Wollaeger: I understand people being um, feeling really a sense of loss and sadness. I understand that completely.

English professor Mark Wollaeger chairs the VSC board. He says shedding the license was a tough decision. But with ad revenues falling in the student newspaper, and the market value of radio stations declining, he says it’s time for Vanderbilt to adapt to a changing media landscape.

Wollaeger: Frankly, very few students listen to the radio over the air. They listen online.

In purchasing WRVU, Nashville Public Radio now has two stations, one dedicated to news, one to classical music. It’s kind of a move in reverse. In the last few years more than a dozen public radio stations, including WPLN, changed their daytime music formats to all news. It was a bid to draw more financial support.  Now stations in places like New York and Boston are making a move back towards classical by adding another frequency. WPLN station manager Rob Gordon says that’s the ideal combination. He and the WPLN board have been watching other stations make this move.

Gordon: Vermont is another good example. Because they took off the classical music a few years ago. They had to buy new stations, but gradually the Vermont Public Radio now has a statewide news and a statewide classical music service.
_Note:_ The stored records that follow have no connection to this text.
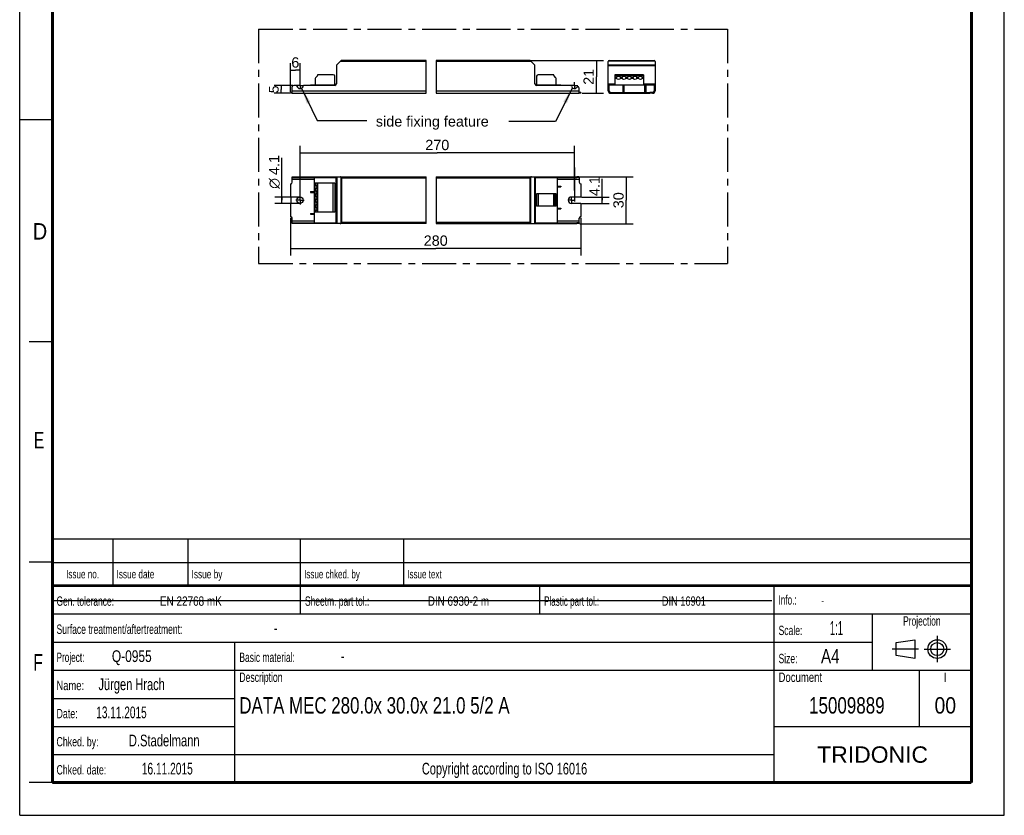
# Model space of a CAD drawing. Header units: millimetres. Extents: x 0 to 210, y 0 to 297.
# Tile 1 of 2: x 0 to 210, y 0 to 170. Entities that reach past the tile are written whole.
import ezdxf
from ezdxf.enums import TextEntityAlignment as Align

# ---------------------------------------------------------------- set-up
doc = ezdxf.new("R2010")
doc.units = ezdxf.units.MM
doc.header["$LTSCALE"] = 19.36
doc.linetypes.add('CENTER', pattern=[0.6, 0.375, -0.075, 0.075, -0.075])
doc.layers.get('0').update_dxf_attribs({"linetype": 'CONTINUOUS'})
for name, color, linetype in [('DEFAULT_1', 7, 'CENTER'), ('Z_AXIS', 7, 'CONTINUOUS'), ('Z_DIM_2D', 7, 'CONTINUOUS'), ('Z_NOTICE', 7, 'CONTINUOUS')]:
    doc.layers.add(name, color=color, linetype=linetype)
doc.styles.get("Standard").update_dxf_attribs({"font": 'txt', "width": 0.7})
doc.styles.add('TEXTSTYLE_2', font='txt', dxfattribs={"width": 0.75})
doc.styles.add('TEXTSTYLE_3', font='helveticaneueltw1g-ltcn.otf')
doc.styles.add('TEXTSTYLE_4', font='gdt', dxfattribs={"width": 0.7})
doc.styles.add('TEXTSTYLE_5', font='arial.ttf')
doc.dimstyles.new('DIMSTYLE_1', dxfattribs={"dimtxt": 2.2, "dimasz": 3.5, "dimexe": 1.5, "dimexo": 0, "dimgap": 0.55, "dimtad": 1, "dimdec": 1, "dimlfac": 3, "dimdsep": 46, "dimtxsty": 'TEXTSTYLE_3', "dimblk": '_FILLED', "dimblk1": '_FILLED', "dimblk2": '_FILLED', "dimcen": 0.09, "dimclrt": 5, "dimadec": 0, "dimazin": 0, "dimtp": 0.1, "dimtm": 0.1, "dimtfac": 1, "dimtdec": 1, "dimtofl": 0, "dimtmove": 0, "dimatfit": 3, "dimldrblk": '_FILLED', "dimfxl": 1, "dimtolj": 1, "dimarcsym": 0})
doc.dimstyles.new('DIMSTYLE_2', dxfattribs={"dimtxt": 2.2, "dimasz": 3.5, "dimexe": 1.5, "dimexo": 0, "dimgap": 0.55, "dimtad": 1, "dimdec": 1, "dimlfac": 3, "dimdsep": 46, "dimtxsty": 'TEXTSTYLE_3', "dimblk": '_FILLED', "dimblk1": '_FILLED', "dimblk2": '_FILLED', "dimcen": 0.09, "dimclrt": 5, "dimadec": 0, "dimazin": 0, "dimtp": 0.2, "dimtm": 0.2, "dimtfac": 1, "dimtdec": 1, "dimtofl": 0, "dimtmove": 0, "dimatfit": 3, "dimldrblk": '_FILLED', "dimfxl": 1, "dimtolj": 1, "dimarcsym": 0})
doc.dimstyles.new('DIMSTYLE_3', dxfattribs={"dimtxt": 2.2, "dimasz": 3.5, "dimexe": 1.5, "dimexo": 0, "dimgap": 0.55, "dimtad": 1, "dimdec": 1, "dimlfac": 3, "dimdsep": 46, "dimtxsty": 'TEXTSTYLE_3', "dimblk": '_FILLED', "dimblk1": '_FILLED', "dimblk2": '_FILLED', "dimcen": 0.09, "dimclrt": 5, "dimadec": 0, "dimazin": 0, "dimtp": 0.5, "dimtm": 0.5, "dimtfac": 1, "dimtdec": 1, "dimtofl": 0, "dimtmove": 0, "dimatfit": 3, "dimldrblk": '_FILLED', "dimfxl": 1, "dimtolj": 1, "dimarcsym": 0})
doc.dimstyles.new('DIMSTYLE_4', dxfattribs={"dimtxt": 2.1, "dimasz": 3.5, "dimexe": 1.5, "dimexo": 0, "dimgap": 0.525, "dimtad": 1, "dimdec": 1, "dimlfac": 3, "dimdsep": 46, "dimtxsty": 'TEXTSTYLE_3', "dimblk": '_FILLED', "dimblk1": '_FILLED', "dimblk2": '_FILLED', "dimcen": 0.09, "dimclrt": 5, "dimadec": 0, "dimazin": 0, "dimtp": 0.1, "dimtm": 0.1, "dimtfac": 1, "dimtdec": 1, "dimtofl": 0, "dimtmove": 0, "dimatfit": 3, "dimldrblk": '_FILLED', "dimfxl": 1, "dimtolj": 1, "dimarcsym": 0})
doc.dimstyles.get("Standard").update_dxf_attribs({"dimtxt": 3.5, "dimasz": 3.5, "dimexe": 1.5, "dimexo": 0, "dimtad": 1, "dimdec": 4, "dimdsep": 46, "dimtxsty": 'STANDARD', "dimblk": '_FILLED', "dimblk1": '_FILLED', "dimblk2": '_FILLED', "dimcen": 0.09, "dimclrt": 5, "dimadec": 0, "dimazin": 0, "dimtol": 1, "dimtp": 0.0001, "dimtm": 0.0001, "dimtfac": 1, "dimtdec": 4, "dimtofl": 0, "dimtmove": 0, "dimatfit": 3, "dimldrblk": '_FILLED', "dimfxl": 1, "dimtolj": 1, "dimarcsym": 0})

# ---------------------------------------------------------------- blocks, each defined once
blk = doc.blocks.new('PROJEKTIONSMETHODE_BL0', base_point=(192.31, 35.47))
at = {"color": 2, "linetype": 'CONTINUOUS'}
for p, q in [((186.91, 36.87), (190.91, 37.47)), ((186.91, 34.07), (186.91, 36.87)), ((190.91, 37.47), (190.91, 33.47)), ((190.91, 33.47), (186.91, 34.07))]:
    blk.add_line(p, q, dxfattribs=at)
for radius in [2, 1.4]:
    blk.add_circle((195.71, 35.47), radius, dxfattribs=at)
at = {"layer": 'DEFAULT_1', "color": 2, "linetype": 'CENTER'}
for p, q in [((195.71, 38.27), (195.71, 32.67)), ((191.71, 35.47), (186.11, 35.47)), ((192.91, 35.47), (198.5, 35.47))]:
    blk.add_line(p, q, dxfattribs=at)
blk = doc.blocks.new('*D0')
at = {"layer": 'Z_DIM_2D', "color": 2, "linetype": 'CONTINUOUS'}
for p, q in [((124.25, 131.24), (124.25, 135.81)), ((119.8, 130.56), (125.75, 130.56)), ((119.83, 131.93), (125.75, 131.93)), ((124.25, 131.93), (124.25, 131.24)), ((124.25, 130.56), (124.25, 131.24))]:
    blk.add_line(p, q, dxfattribs=at)
at = {"layer": 'Z_DIM_2D', "color": 5, "linetype": 'CONTINUOUS', "style": 'TEXTSTYLE_3'}
blk.add_text('4.1', height=2.2, rotation=90, dxfattribs=at).set_placement((123.7, 132.12))
blk = doc.blocks.new('_FILLED')
at = {"color": 0, "linetype": 'BYBLOCK'}
blk.add_solid([(0, 0), (-1, 0.125), (-1, -0.125)], dxfattribs=at)
blk = doc.blocks.new('_NONE')
blk = doc.blocks.new('*D1')
at = {"layer": 'Z_DIM_2D', "color": 2, "linetype": 'CONTINUOUS'}
for p, q in [((55.91, 131.24), (55.91, 140.3)), ((59.79, 131.93), (54.41, 131.93)), ((59.79, 130.56), (54.41, 130.56)), ((55.91, 131.93), (55.91, 131.24)), ((55.91, 130.56), (55.91, 131.24))]:
    blk.add_line(p, q, dxfattribs=at)
at = {"layer": 'Z_DIM_2D', "color": 5, "linetype": 'CONTINUOUS'}
for s, style, p in [('4.1', 'TEXTSTYLE_3', (55.36, 136.61)), ('n', 'TEXTSTYLE_4', (55.36, 133.68))]:
    blk.add_text(s, height=2.2, rotation=90, dxfattribs=dict(at, style=style)).set_placement(p)
blk = doc.blocks.new('*D2')
at = {"layer": 'Z_DIM_2D', "color": 2, "linetype": 'CONTINUOUS'}
for p, q in [((109.05, 161.07), (124.5, 161.07)), ((123, 161.07), (123, 157.57)), ((123, 154.07), (123, 157.57)), ((119.96, 154.07), (124.5, 154.07))]:
    blk.add_line(p, q, dxfattribs=at)
at = {"layer": 'Z_DIM_2D', "color": 5, "linetype": 'CONTINUOUS', "style": 'TEXTSTYLE_3'}
blk.add_text('21', height=2.2, rotation=90, dxfattribs=at).set_placement((122.45, 157.57), align=Align.CENTER)
blk = doc.blocks.new('*D3')
at = {"layer": 'Z_DIM_2D', "color": 2, "linetype": 'CONTINUOUS'}
for p, q in [((57.79, 154.34), (57.79, 160.49)), ((59.79, 156.38), (59.79, 160.49)), ((57.79, 158.99), (58.79, 158.99)), ((59.79, 158.99), (58.79, 158.99))]:
    blk.add_line(p, q, dxfattribs=at)
at = {"layer": 'Z_DIM_2D', "color": 5, "linetype": 'CONTINUOUS', "style": 'TEXTSTYLE_3'}
blk.add_text('6', height=2.2, dxfattribs=at).set_placement((58.79, 159.54), align=Align.CENTER)
blk = doc.blocks.new('*D4')
at = {"layer": 'Z_DIM_2D', "color": 2, "linetype": 'CONTINUOUS'}
for p, q in [((57.79, 127.52), (57.79, 119.47)), ((119.67, 127.52), (119.67, 119.47)), ((57.79, 120.97), (88.73, 120.97)), ((119.67, 120.97), (88.73, 120.97))]:
    blk.add_line(p, q, dxfattribs=at)
at = {"layer": 'Z_DIM_2D', "color": 5, "linetype": 'CONTINUOUS', "style": 'TEXTSTYLE_3'}
blk.add_text('280', height=2.2, dxfattribs=at).set_placement((88.73, 121.52), align=Align.CENTER)
blk = doc.blocks.new('*D5')
at = {"layer": 'Z_DIM_2D', "color": 2, "linetype": 'CONTINUOUS'}
for p, q in [((119.5, 136.24), (130.86, 136.24)), ((129.36, 136.24), (129.36, 131.24)), ((129.36, 126.24), (129.36, 131.24)), ((119.49, 126.24), (130.86, 126.24))]:
    blk.add_line(p, q, dxfattribs=at)
at = {"layer": 'Z_DIM_2D', "color": 5, "linetype": 'CONTINUOUS', "style": 'TEXTSTYLE_3'}
blk.add_text('30', height=2.2, rotation=90, dxfattribs=at).set_placement((128.81, 131.24), align=Align.CENTER)
blk = doc.blocks.new('*D6')
at = {"layer": 'Z_DIM_2D', "color": 2, "linetype": 'CONTINUOUS'}
for p, q in [((59.79, 132.13), (59.79, 142.88)), ((118.33, 133.35), (118.33, 142.88)), ((59.79, 141.38), (89.06, 141.38)), ((118.33, 141.38), (89.06, 141.38))]:
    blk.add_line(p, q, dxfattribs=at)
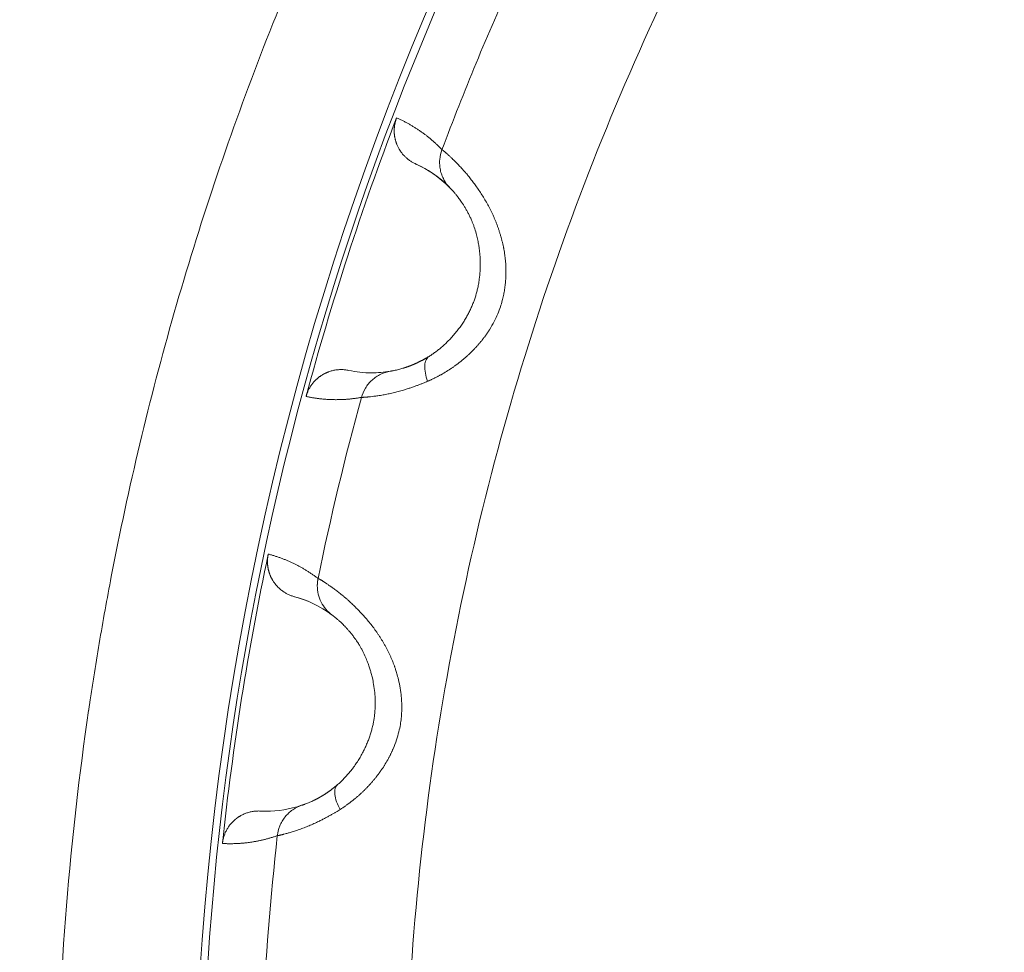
# Model space of a CAD drawing. Header units: millimetres. Extents: x 51337 to 61814, y -21781 to -12277.
# Tile 218 of 256: x 59213 to 59226, y -20711 to -20698. Entities that reach past the tile are written whole.
import ezdxf

# ---------------------------------------------------------------- set-up
doc = ezdxf.new("R2010")
doc.units = ezdxf.units.MM
doc.header["$LTSCALE"] = 0.3175
doc.layers.add('1轮廓实线层', color=7, linetype='Continuous', lineweight=18)

msp = doc.modelspace()

# ---------------------------------------------------------------- linework, layer by layer
at = {"layer": '1轮廓实线层'}
for centre, radius, start, end in [((59255.29339, -20712.0386), 120, 105.6266319, 195.8396374), ((59255.29339, -20713.97664), 40, 288.773642, 251.226405), ((59255.29339, -20713.97664), 39.90067, 119.006664, 186.483245)]:
    msp.add_arc(centre, radius, start, end, dxfattribs=at)
for points, degree, knots in [([(59243.29339, -20762.51529), (59241.8275, -20762.15288), (59240.37805, -20761.72403), (59237.5239, -20760.73694), (59236.11919, -20760.1787), (59233.36605, -20758.93742), (59232.01761, -20758.25438), (59229.38807, -20756.7691), (59228.10696, -20755.96686), (59225.62259, -20754.24976), (59224.41932, -20753.3349), (59222.10049, -20751.40006), (59220.98493, -20750.38008), (59218.85067, -20748.24337), (59217.83198, -20747.12665), (59215.89979, -20744.80561), (59214.98631, -20743.60129), (59213.27205, -20741.11495), (59212.47128, -20739.83293), (59210.98901, -20737.20168), (59210.30752, -20735.85247), (59209.06939, -20733.0979), (59208.51277, -20731.69256), (59207.52894, -20728.83727), (59207.10175, -20727.38733), (59206.3803, -20724.45474), (59206.08605, -20722.9721), (59205.63289, -20719.98626), (59205.47399, -20718.48307), (59205.29284, -20715.46848), (59205.27059, -20713.95708), (59205.36294, -20710.93847), (59205.47753, -20709.43125), (59205.84261, -20706.43337), (59206.0931, -20704.94271), (59206.72792, -20701.99016), (59207.11225, -20700.52827), (59208.01161, -20697.64527), (59208.52663, -20696.22415), (59209.68315, -20693.43434), (59210.32464, -20692.06565), (59211.72882, -20689.39192), (59212.49151, -20688.08688), (59214.13185, -20685.55116), (59215.00949, -20684.32048), (59216.87252, -20681.94358), (59217.85791, -20680.79735), (59219.92836, -20678.59876), (59221.01341, -20677.54639), (59223.27429, -20675.54414), (59224.45011, -20674.59426), (59226.88287, -20672.80478), (59228.1398, -20671.96518), (59230.72449, -20670.40314), (59232.05224, -20669.68071), (59234.76766, -20668.35894), (59236.15533, -20667.7596), (59238.97919, -20666.68893), (59240.4154, -20666.21761), (59243.32455, -20665.40682), (59244.79751, -20665.06737), (59247.76809, -20664.52313), (59249.26572, -20664.31834), (59252.27336, -20664.04509), (59253.78337, -20663.97664), (59255.29339, -20663.97664)], 3, [0, 0, 0, 0, 0.03125, 0.03125, 0.0625, 0.0625, 0.09375, 0.09375, 0.125, 0.125, 0.15625, 0.15625, 0.1875, 0.1875, 0.21875, 0.21875, 0.25, 0.25, 0.28125, 0.28125, 0.3125, 0.3125, 0.34375, 0.34375, 0.375, 0.375, 0.40625, 0.40625, 0.4375, 0.4375, 0.46875, 0.46875, 0.5, 0.5, 0.53125, 0.53125, 0.5625, 0.5625, 0.59375, 0.59375, 0.625, 0.625, 0.65625, 0.65625, 0.6875, 0.6875, 0.71875, 0.71875, 0.75, 0.75, 0.78125, 0.78125, 0.8125, 0.8125, 0.84375, 0.84375, 0.875, 0.875, 0.90625, 0.90625, 0.9375, 0.9375, 0.96875, 0.96875, 1, 1, 1, 1]), ([(59255.29339, -20672.07871), (59254.04905, -20672.07871), (59252.80472, -20672.13418), (59250.32593, -20672.35562), (59249.09147, -20672.52159), (59246.64222, -20672.96272), (59245.42743, -20673.23787), (59243.02714, -20673.89518), (59241.84164, -20674.27733), (59239.50936, -20675.1456), (59238.36258, -20675.63173), (59236.1168, -20676.70408), (59235.01782, -20677.29032), (59232.87638, -20678.55825), (59231.83391, -20679.23995), (59229.81378, -20680.69339), (59228.83611, -20681.46514), (59226.95332, -20683.09257), (59226.0482, -20683.94826), (59224.31769, -20685.73676), (59223.49229, -20686.66959), (59221.92778, -20688.60498), (59221.18866, -20689.60755), (59219.80257, -20691.67447), (59219.15559, -20692.73883), (59217.95891, -20694.92089), (59217.4092, -20696.03859), (59216.41143, -20698.31848), (59215.96335, -20699.48066), (59215.1724, -20701.84028), (59214.82951, -20703.03772), (59214.39612, -20704.85321), (59214.26513, -20705.46159), (59214.08908, -20706.37808), (59214.00615, -20706.8373), (59213.91837, -20707.37458), (59213.87673, -20707.64358), (59213.85647, -20707.77816), (59213.84648, -20707.84547), (59213.84152, -20707.87913), (59213.83905, -20707.89597), (59213.83782, -20707.90438), (59213.8372, -20707.90859), (59213.83689, -20707.91069), (59213.83674, -20707.91175), (59213.83667, -20707.9122), (59213.83663, -20707.9125), (59213.8366, -20707.91269), (59213.70937, -20708.78254), (59213.6062, -20709.67892), (59213.45719, -20711.52223), (59213.41134, -20712.46916), (59213.38646, -20714.40966), (59213.40743, -20715.40323), (59213.5258, -20717.43177), (59213.62322, -20718.46674), (59213.9041, -20720.57141), (59214.08758, -20721.6411), (59214.54995, -20723.80696), (59214.82886, -20724.90312), (59215.49102, -20727.112), (59215.87428, -20728.22472), (59216.75334, -20730.45506), (59217.24915, -20731.57269), (59218.36046, -20733.79945), (59218.97597, -20734.90857), (59220.33249, -20737.10317), (59221.07351, -20738.18863), (59222.68513, -20740.31905), (59223.55575, -20741.36399), (59225.42857, -20743.39496), (59226.4308, -20744.38098), (59228.56636, -20746.2743), (59229.69972, -20747.1816), (59231.4956, -20748.46786), (59232.72477, -20749.30046), (59234.66208, -20750.46658), (59236.69018, -20751.54178), (59238.80563, -20752.51786), (59241.00428, -20753.38663), (59242.52227, -20753.88883), (59243.29339, -20754.11934)], 3, [0, 0, 0, 0, 0.03125, 0.03125, 0.0625, 0.0625, 0.09375, 0.09375, 0.125, 0.125, 0.15625, 0.15625, 0.1875, 0.1875, 0.21875, 0.21875, 0.25, 0.25, 0.28125, 0.28125, 0.3125, 0.3125, 0.34375, 0.34375, 0.375, 0.375, 0.40625, 0.40625, 0.4375, 0.4375, 0.46875, 0.46875, 0.484375, 0.484375, 0.4921875, 0.49609375, 0.49804687, 0.49902344, 0.49951172, 0.49975586, 0.49987793, 0.49993896, 0.49996948, 0.49998474, 0.49999237, 0.49999619, 0.49999619, 0.5, 0.5, 0.53125, 0.53125, 0.5625, 0.5625, 0.59375, 0.59375, 0.625, 0.625, 0.65625, 0.65625, 0.6875, 0.6875, 0.71875, 0.71875, 0.75, 0.75, 0.78125, 0.78125, 0.8125, 0.8125, 0.84375, 0.84375, 0.875, 0.875, 0.90625, 0.90625, 0.921875, 0.9375, 0.953125, 0.96875, 0.984375, 1, 1, 1, 1]), ([(59218.07159, -20699.76452), (59218.07034, -20699.76785), (59218.06784, -20699.77451), (59218.06437, -20699.78463), (59218.06108, -20699.79485), (59218.05801, -20699.80518), (59218.05515, -20699.81559), (59218.05251, -20699.8261), (59218.0501, -20699.83668), (59218.04791, -20699.84734), (59218.04595, -20699.85806), (59218.04422, -20699.86884), (59218.04273, -20699.87966), (59218.04147, -20699.89053), (59218.04045, -20699.90143), (59218.03967, -20699.91236), (59218.03913, -20699.9233), (59218.03882, -20699.93425), (59218.03876, -20699.94521), (59218.03894, -20699.95615), (59218.03936, -20699.96708), (59218.04001, -20699.97798), (59218.0409, -20699.98885), (59218.04203, -20699.99968), (59218.04339, -20700.01045), (59218.04498, -20700.02118), (59218.0468, -20700.03184), (59218.04884, -20700.04243), (59218.0511, -20700.05293), (59218.05358, -20700.06336), (59218.05627, -20700.07369), (59218.05917, -20700.08392), (59218.06227, -20700.09404), (59218.06557, -20700.10406), (59218.06906, -20700.11395), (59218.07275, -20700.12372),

And they are just far more successful than they were prior to that.


Gordon says that’s the expectation in Nashville—that its news and music channels will be self-sustaining. He says WPLN can’t just write a 3.3 million dollar check to purchase WRVU. The station’s making a down-payment and planning a capital campaign to pay off the balance in the next eighteen months. During that time WPLN will apply for an FCC license transfer. The group WRVU Friends and Family says it’s not a done deal. It plans to challenge the transfer.

Deejay: Oh, well. Let’s listen to some music.